"Jetzt veroaschens mi": Assinger ist sauer auf Kandidat

Assinger glaubte an einen Scherz.
Assinger glaubte an einen Scherz.ORF
Am Montag wurde bei Armin Assinger um die Million gezockt. Am heißen Stuhl: Philipp Stoisits. 

Der Wiener beeindruckte bei der "Millionenshow" mit einer ganz besonderen Eigenschaft: Gemütlichkeit. Er ließ sich nach den ersten Fragen scheinbar durch Nichts aus der Ruhe bringen. Da meinte sogar Assinger selbst, dass der Student ihm ein wenig verschlafen vorkommt. Philipp ganz lässig: "Das höre ich öfters". Dem Moderator blieb nichts anderes übrig, als lauthals über die Reaktion zu lachen. 

Bei einer Fußball-Frage kam Philipp aber ein wenig ins Stocken. Und das gefiel Assingerso gar nicht. Dabei war der Wiener in Sachen Fußball eigentlich ziemlich gewieft, so spielte er in der Schülermannschaft und ist auch leidenschaftlicher Rapid-Fan. Nur mit den Namen der Vorstände schien er es nicht so zu haben. 

Philipp ging von einer Fangfrage aus und versuchte zu erraten, welcher Name denn besonders häufig in England vorkommen dürfte. Seine Schlussfolgerung: "Niemand heißt Prinz mit Vornamen". Dabei fiel Assinger die Kinnlade runter. Zunächst ging er noch davon aus, dass sein Kandidat scherzen würde. Als dieser aber erneut betonte: "Nein, keiner heißt Prinz!", wurde der Moderator etwas ruppiger: "Jetzt veroaschens mi aber!" 

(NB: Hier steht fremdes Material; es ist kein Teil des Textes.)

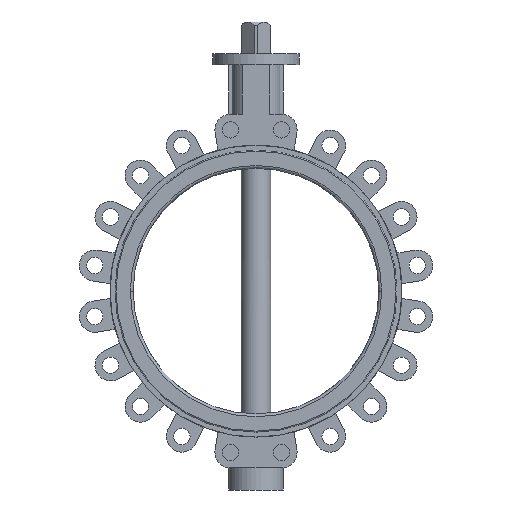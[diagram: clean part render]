
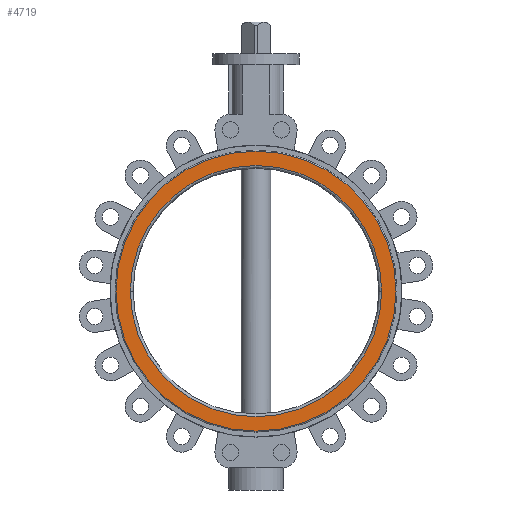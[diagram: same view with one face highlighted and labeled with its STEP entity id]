
A CAD part, front view. The second image highlights one B-rep face of the part: STEP entity #4719.
In plain terms, the highlighted planar face has unit normal (0, -1, 0) as drawn and (-1, 0, 0) by its records, which use the part's own axes.
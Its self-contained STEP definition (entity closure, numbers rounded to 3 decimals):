
#109 = DIRECTION ( 'NONE',  ( -1., 0., 0. ) ) ;
#518 = FACE_BOUND ( 'NONE', #8025, .T. ) ;
#779 = CARTESIAN_POINT ( 'NONE',  ( -66.5, 0., 0. ) ) ;
#996 = EDGE_LOOP ( 'NONE', ( #7956, #8319 ) ) ;
#1185 = AXIS2_PLACEMENT_3D ( 'NONE', #5718, #1584, #2974 ) ;
#1584 = DIRECTION ( 'NONE',  ( -1., 0., 0. ) ) ;
#1792 = DIRECTION ( 'NONE',  ( -1., 0., 0. ) ) ;
#2403 = VERTEX_POINT ( 'NONE', #3106 ) ;
#2480 = VERTEX_POINT ( 'NONE', #3024 ) ;
#2940 = VERTEX_POINT ( 'NONE', #4534 ) ;
#2974 = DIRECTION ( 'NONE',  ( 0., 0., 1. ) ) ;
#3024 = CARTESIAN_POINT ( 'NONE',  ( -66.5, 0., -254.025 ) ) ;
#3106 = CARTESIAN_POINT ( 'NONE',  ( -66.5, 0., 254.025 ) ) ;
#3180 = DIRECTION ( 'NONE',  ( 0., 0., -1. ) ) ;
#3187 = AXIS2_PLACEMENT_3D ( 'NONE', #4587, #1792, #3928 ) ;
#3405 = VERTEX_POINT ( 'NONE', #3839 ) ;
#3608 = CIRCLE ( 'NONE', #3187, 254.025 ) ;
#3839 = CARTESIAN_POINT ( 'NONE',  ( -66.5, 0., 283. ) ) ;
#3928 = DIRECTION ( 'NONE',  ( 0., 0., 1. ) ) ;
#4022 = CIRCLE ( 'NONE', #1185, 283. ) ;
#4128 = CARTESIAN_POINT ( 'NONE',  ( -66.5, 0., 0. ) ) ;
#4146 = AXIS2_PLACEMENT_3D ( 'NONE', #779, #109, #6225 ) ;
#4173 = EDGE_CURVE ( 'NONE', #2940, #3405, #4022, .T. ) ;
#4506 = FACE_OUTER_BOUND ( 'NONE', #996, .T. ) ;
#4534 = CARTESIAN_POINT ( 'NONE',  ( -66.5, 0., -283. ) ) ;
#4587 = CARTESIAN_POINT ( 'NONE',  ( -66.5, 0., 0. ) ) ;
#4638 = DIRECTION ( 'NONE',  ( 1., 0., 0. ) ) ;
#4717 = DIRECTION ( 'NONE',  ( -1., 0., 0. ) ) ;
#4719 = ADVANCED_FACE ( 'NONE', ( #518, #4506 ), #6499, .F. ) ;
#4874 = CIRCLE ( 'NONE', #8560, 283. ) ;
#5596 = ORIENTED_EDGE ( 'NONE', *, *, #7632, .F. ) ;
#5718 = CARTESIAN_POINT ( 'NONE',  ( -66.5, 0., 0. ) ) ;
#5803 = ORIENTED_EDGE ( 'NONE', *, *, #6246, .F. ) ;
#5838 = CARTESIAN_POINT ( 'NONE',  ( -66.5, 0., 0. ) ) ;
#6179 = DIRECTION ( 'NONE',  ( 0., 0., 1. ) ) ;
#6225 = DIRECTION ( 'NONE',  ( 0., 0., 1. ) ) ;
#6246 = EDGE_CURVE ( 'NONE', #2403, #2480, #3608, .T. ) ;
#6499 = PLANE ( 'NONE',  #6897 ) ;
#6897 = AXIS2_PLACEMENT_3D ( 'NONE', #5838, #4638, #3180 ) ;
#7202 = EDGE_CURVE ( 'NONE', #3405, #2940, #4874, .T. ) ;
#7632 = EDGE_CURVE ( 'NONE', #2480, #2403, #8681, .T. ) ;
#7956 = ORIENTED_EDGE ( 'NONE', *, *, #7202, .T. ) ;
#8025 = EDGE_LOOP ( 'NONE', ( #5803, #5596 ) ) ;
#8319 = ORIENTED_EDGE ( 'NONE', *, *, #4173, .T. ) ;
#8560 = AXIS2_PLACEMENT_3D ( 'NONE', #4128, #4717, #6179 ) ;
#8681 = CIRCLE ( 'NONE', #4146, 254.025 ) ;

Der Zocker hörte aber nicht auf und beharrte darauf: "Nein, natürlich nicht. Ich würde Prinz deshalb ausschließen". Assinger konnte dabei nur mehr mit dem Kopf schütteln und blieb sprachlos zurück. 

"Der mit dem komischen Vornamen?"

Nach mehreren Minuten schien es dem Wiener schließlich zu dämmern, weshalb der Moderator so böse wurde: "Vielleicht hat einer dieser Personen auch das Amt des Präsidenten inne?" Assinger trocken: "Interessanter Gedankengang". 

Der Griff zum Telefonjoker brachte Schließlich die Gewissheit und Philipp loggte tatsächlich Prinz William ein. Assinger zynisch: "Also der mit dem komischen Vornamen?" Am Ende freute sich sich der Wiener über die richtige Entscheidung und die 15.000-Euro-Sicherheitsstufe. Kommenden Montag darf er dann weitermachen. Hoffentlich sind die Wogen bis dahin geglättet.